Tristemente, el control social que ejercen muchas galladas en diferentes lugares de Colombia, muestra como cuando las comunidades permiten que los chachos impongan sus reglas se ven sometidos a la ley del más fuerte que beneficia a unos pocos, en detrimento del bienestar común.

La incapacidad de controlar a estos muchachos intransigentes, termina creando un caldo de cultivo para que la insensatez y el rencor entre galladas impongan las reglas de comportamiento social en los barrios. Si a esos muchachos alguien les hubiera puesto limites, si no los hubieran dejado intimidar a todo el barrio, seguramente habrían contribuido a la sociedad.

Uribe, durante su gobierno mostró un comportamiento autoritario, limitado por el respeto a las decisiones de las cortes y la voluntad ciudadana. Pero desde el año 2012, estando por fuera del gobierno, empezó a comportarse como un muchacho malcriado al que no le gustaban las decisiones del gobierno.

Durante los últimos 5 años ha conformado una gallada de seguidores que vociferan en contra de los acuerdos, que intimida a quienes están de acuerdo con el gobierno, y que quiere impedir que la sociedad colombiana se meta de lleno en un proceso de reconciliación.

Recurriendo a falsedades, tergiversaciones, y a la manipulación emocional Uribe ha encontrado un canal de comunicación que ha ampliado su base de apoyo gracias a que muchos compatriotas han quedado atrapados en su discurso, celebrando cada arenga contra la paz.

Otros muchachos como Alejandro Ordoñez se han envalentonado con su ejemplo y lanzan campañas radicalizando a sus seguidores aún más. Estos muchachos tienen mucho que ganar, pero ¿que gana la sociedad colombiana con estas voces radicales que se niegan a pensar un futuro sin rencor?

La semana pasada, cuando Uribe despotricó del país en Atenas, muchos compatriotas pusieron el grito en el cielo. Néstor Osorio, el Embajador de Colombia en el Reino Unido, dio ejemplo al jalarle las orejas a Uribe; algo poco común en Colombia, donde dejamos que los chachos hagan y deshagan. Sus palabras fueron contundentes:

La respuesta generalizada de los colombianos a la actitud de Uribe, incluso de sus seguidores, marca desde mi perspectiva el punto de inflexión del crecimiento del discurso uribista. Si a esto le sumamos la dejación del 60% de las armas por parte de las FARC, me atrevo a decir que Uribe no podrá comportarse más como el chacho que se tira la fiesta. Permítanme cerrar este artículo explicando rápidamente porque.
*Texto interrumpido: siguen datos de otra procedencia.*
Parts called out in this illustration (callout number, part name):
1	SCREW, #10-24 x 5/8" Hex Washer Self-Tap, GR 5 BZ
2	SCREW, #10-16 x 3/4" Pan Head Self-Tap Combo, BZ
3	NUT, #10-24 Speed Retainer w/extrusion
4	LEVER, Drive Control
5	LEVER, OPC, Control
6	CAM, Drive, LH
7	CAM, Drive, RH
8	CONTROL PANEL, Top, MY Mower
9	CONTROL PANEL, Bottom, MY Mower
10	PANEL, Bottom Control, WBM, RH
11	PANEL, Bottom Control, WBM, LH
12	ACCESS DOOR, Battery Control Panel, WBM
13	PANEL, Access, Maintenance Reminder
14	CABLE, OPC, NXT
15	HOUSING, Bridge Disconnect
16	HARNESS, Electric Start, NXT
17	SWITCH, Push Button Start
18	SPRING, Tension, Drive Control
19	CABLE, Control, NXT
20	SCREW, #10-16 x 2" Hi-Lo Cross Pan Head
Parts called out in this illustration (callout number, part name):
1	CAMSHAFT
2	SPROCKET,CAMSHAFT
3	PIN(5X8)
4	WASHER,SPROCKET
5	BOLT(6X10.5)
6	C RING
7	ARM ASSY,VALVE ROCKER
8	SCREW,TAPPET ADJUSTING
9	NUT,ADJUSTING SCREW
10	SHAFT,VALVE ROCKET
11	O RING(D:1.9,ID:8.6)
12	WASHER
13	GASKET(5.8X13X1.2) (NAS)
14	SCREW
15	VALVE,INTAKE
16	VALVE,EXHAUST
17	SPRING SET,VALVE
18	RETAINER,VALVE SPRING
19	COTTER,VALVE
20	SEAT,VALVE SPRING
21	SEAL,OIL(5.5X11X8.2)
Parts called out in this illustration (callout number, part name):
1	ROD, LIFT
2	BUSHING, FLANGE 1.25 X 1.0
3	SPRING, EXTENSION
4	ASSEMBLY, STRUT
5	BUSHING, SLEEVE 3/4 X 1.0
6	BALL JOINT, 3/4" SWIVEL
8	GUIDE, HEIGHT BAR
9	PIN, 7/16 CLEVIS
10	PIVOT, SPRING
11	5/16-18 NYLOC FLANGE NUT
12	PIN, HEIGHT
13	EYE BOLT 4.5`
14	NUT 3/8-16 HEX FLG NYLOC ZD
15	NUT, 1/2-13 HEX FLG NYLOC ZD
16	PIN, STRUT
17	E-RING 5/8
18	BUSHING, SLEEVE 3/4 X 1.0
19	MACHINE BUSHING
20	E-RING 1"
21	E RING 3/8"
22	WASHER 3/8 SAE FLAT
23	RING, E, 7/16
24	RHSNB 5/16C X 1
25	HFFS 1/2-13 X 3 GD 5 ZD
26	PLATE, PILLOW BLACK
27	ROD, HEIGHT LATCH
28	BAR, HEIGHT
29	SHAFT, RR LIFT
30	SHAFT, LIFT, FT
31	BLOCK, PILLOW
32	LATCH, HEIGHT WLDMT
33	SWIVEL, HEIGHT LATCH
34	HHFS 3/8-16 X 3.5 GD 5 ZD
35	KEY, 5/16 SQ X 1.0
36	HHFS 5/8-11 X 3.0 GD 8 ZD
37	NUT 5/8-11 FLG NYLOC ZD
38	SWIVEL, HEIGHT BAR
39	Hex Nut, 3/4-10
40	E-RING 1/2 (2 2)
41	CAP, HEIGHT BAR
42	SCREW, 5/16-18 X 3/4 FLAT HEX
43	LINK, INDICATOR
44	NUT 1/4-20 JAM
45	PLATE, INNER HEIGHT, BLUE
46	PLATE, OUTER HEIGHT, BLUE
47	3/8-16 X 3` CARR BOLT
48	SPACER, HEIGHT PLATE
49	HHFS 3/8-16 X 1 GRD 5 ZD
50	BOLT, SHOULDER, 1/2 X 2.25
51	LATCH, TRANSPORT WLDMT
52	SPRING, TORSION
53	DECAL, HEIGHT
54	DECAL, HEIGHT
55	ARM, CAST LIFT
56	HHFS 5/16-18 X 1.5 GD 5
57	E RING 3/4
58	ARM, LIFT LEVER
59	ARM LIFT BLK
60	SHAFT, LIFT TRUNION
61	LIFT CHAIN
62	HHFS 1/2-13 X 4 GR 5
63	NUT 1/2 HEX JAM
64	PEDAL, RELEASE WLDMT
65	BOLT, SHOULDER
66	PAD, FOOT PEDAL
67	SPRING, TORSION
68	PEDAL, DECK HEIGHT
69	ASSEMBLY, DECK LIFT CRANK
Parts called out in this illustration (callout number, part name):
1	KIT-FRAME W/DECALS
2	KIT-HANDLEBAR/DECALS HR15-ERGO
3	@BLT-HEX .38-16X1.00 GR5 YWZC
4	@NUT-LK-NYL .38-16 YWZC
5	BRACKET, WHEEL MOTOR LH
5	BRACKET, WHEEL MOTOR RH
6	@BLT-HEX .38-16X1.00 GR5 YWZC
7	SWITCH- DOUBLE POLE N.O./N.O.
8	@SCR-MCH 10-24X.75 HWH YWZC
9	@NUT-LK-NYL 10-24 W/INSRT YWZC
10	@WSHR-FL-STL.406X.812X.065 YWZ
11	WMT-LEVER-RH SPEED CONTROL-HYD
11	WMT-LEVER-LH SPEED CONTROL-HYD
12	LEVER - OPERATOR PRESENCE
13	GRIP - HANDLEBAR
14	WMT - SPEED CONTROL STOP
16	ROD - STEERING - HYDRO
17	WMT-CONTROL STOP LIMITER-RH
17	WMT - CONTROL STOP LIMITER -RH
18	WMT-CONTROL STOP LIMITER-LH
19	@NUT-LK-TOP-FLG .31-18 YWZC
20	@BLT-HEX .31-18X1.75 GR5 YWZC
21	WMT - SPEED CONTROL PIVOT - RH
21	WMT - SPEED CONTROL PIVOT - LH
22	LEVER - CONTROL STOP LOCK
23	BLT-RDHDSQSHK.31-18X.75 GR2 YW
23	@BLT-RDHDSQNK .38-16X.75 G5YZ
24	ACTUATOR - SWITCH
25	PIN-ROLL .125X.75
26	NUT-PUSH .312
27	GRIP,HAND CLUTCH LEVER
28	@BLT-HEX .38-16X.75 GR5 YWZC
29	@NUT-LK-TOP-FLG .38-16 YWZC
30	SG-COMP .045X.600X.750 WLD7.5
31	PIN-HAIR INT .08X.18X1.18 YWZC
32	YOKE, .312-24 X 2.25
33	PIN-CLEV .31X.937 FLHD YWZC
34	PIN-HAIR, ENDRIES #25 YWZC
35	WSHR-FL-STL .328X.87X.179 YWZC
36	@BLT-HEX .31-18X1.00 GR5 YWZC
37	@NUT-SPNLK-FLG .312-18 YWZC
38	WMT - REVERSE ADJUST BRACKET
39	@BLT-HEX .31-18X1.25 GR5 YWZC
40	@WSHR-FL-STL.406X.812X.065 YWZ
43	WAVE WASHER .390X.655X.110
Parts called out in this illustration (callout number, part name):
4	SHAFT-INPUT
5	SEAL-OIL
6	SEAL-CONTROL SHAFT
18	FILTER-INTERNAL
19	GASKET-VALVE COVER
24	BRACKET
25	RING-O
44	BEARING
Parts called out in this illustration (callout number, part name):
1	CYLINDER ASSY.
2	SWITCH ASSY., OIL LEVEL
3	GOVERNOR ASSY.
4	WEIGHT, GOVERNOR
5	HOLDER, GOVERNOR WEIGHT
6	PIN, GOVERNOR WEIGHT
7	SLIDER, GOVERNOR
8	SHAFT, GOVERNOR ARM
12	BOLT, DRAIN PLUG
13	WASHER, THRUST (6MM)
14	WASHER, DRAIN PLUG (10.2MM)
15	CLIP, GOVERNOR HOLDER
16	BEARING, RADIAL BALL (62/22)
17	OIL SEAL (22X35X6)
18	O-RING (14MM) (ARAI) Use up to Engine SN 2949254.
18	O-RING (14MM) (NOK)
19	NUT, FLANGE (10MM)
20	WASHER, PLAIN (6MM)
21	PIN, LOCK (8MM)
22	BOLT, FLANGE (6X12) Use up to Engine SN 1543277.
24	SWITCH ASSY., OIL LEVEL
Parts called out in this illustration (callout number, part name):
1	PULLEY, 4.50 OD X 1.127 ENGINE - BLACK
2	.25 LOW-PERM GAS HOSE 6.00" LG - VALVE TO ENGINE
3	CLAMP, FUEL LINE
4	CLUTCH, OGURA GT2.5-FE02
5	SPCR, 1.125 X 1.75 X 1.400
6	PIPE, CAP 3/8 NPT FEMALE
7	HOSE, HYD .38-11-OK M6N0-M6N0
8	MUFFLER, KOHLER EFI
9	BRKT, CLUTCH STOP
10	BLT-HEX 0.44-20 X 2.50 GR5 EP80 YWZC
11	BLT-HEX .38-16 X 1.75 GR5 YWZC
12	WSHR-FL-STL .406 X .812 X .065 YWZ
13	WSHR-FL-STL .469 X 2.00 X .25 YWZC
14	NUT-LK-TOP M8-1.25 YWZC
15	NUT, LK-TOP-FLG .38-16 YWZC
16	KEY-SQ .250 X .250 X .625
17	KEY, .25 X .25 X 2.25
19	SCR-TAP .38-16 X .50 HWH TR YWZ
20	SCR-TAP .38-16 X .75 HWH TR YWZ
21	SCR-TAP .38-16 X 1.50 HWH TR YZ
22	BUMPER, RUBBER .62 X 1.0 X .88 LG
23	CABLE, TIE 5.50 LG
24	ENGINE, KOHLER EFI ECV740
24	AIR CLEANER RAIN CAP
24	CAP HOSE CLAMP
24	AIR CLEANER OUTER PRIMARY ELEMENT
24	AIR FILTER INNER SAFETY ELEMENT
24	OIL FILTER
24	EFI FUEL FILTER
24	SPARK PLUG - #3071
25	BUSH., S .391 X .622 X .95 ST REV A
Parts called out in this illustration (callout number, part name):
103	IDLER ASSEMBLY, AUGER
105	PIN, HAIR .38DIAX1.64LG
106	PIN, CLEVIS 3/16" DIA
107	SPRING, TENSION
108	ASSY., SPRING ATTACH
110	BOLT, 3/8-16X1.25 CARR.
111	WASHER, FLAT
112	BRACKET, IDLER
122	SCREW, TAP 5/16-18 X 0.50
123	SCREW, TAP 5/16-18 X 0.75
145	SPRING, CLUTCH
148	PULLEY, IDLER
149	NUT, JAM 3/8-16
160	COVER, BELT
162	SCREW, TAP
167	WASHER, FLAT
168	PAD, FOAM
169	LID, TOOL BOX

Seguidores y simpatizantes de este proyecto político se han dado cuenta que con la postura radical de Uribe Colombia tiene mucho que perder. Esto quedó claro en varias conversaciones que sostuve esta semana en Medellín, cuna del uribismo.

Un taxista, me dijo, por ejemplo, “a pesar que uno es crítico de todo lo que les están entregando a las FARC, no se justifica hablar mal de Colombia en el exterior.” Y cerró diciendo que votaría por alguien distinto: “para que los políticos de siempre dejen de utilizar a los colombianos.”

Pero, además, la dejación de armas certificada por las Naciones Unidas empieza a desmontar la desconfianza frente al cumplimiento de las FARC, que es la bandera uribista. Las fotos de las armas le dan la certeza a muchos compatriotas que estamos pasando a otra etapa. El conductor de la Universidad de Antioquia que me recogió en el aeropuerto José María Córdoba lo puso claramente: “que esas armas no se utilicen más, siempre va a inclinar la balanza para apoyar el proceso de paz, aunque no sea la verdadera paz.”

Vea: Galería: Farc le dijo adiós a las armas

Si Uribe no se percata de este cambio de los colombianos y sigue comportándose como el chacho de la gallada anti-paz, una minoría insignificante de compatriotas lo acompañaran en el 2018, como le ocurrió a UKIP en el Reino Unido en las pasadas elecciones. El uribismo radical llegó a su punto de inflexión.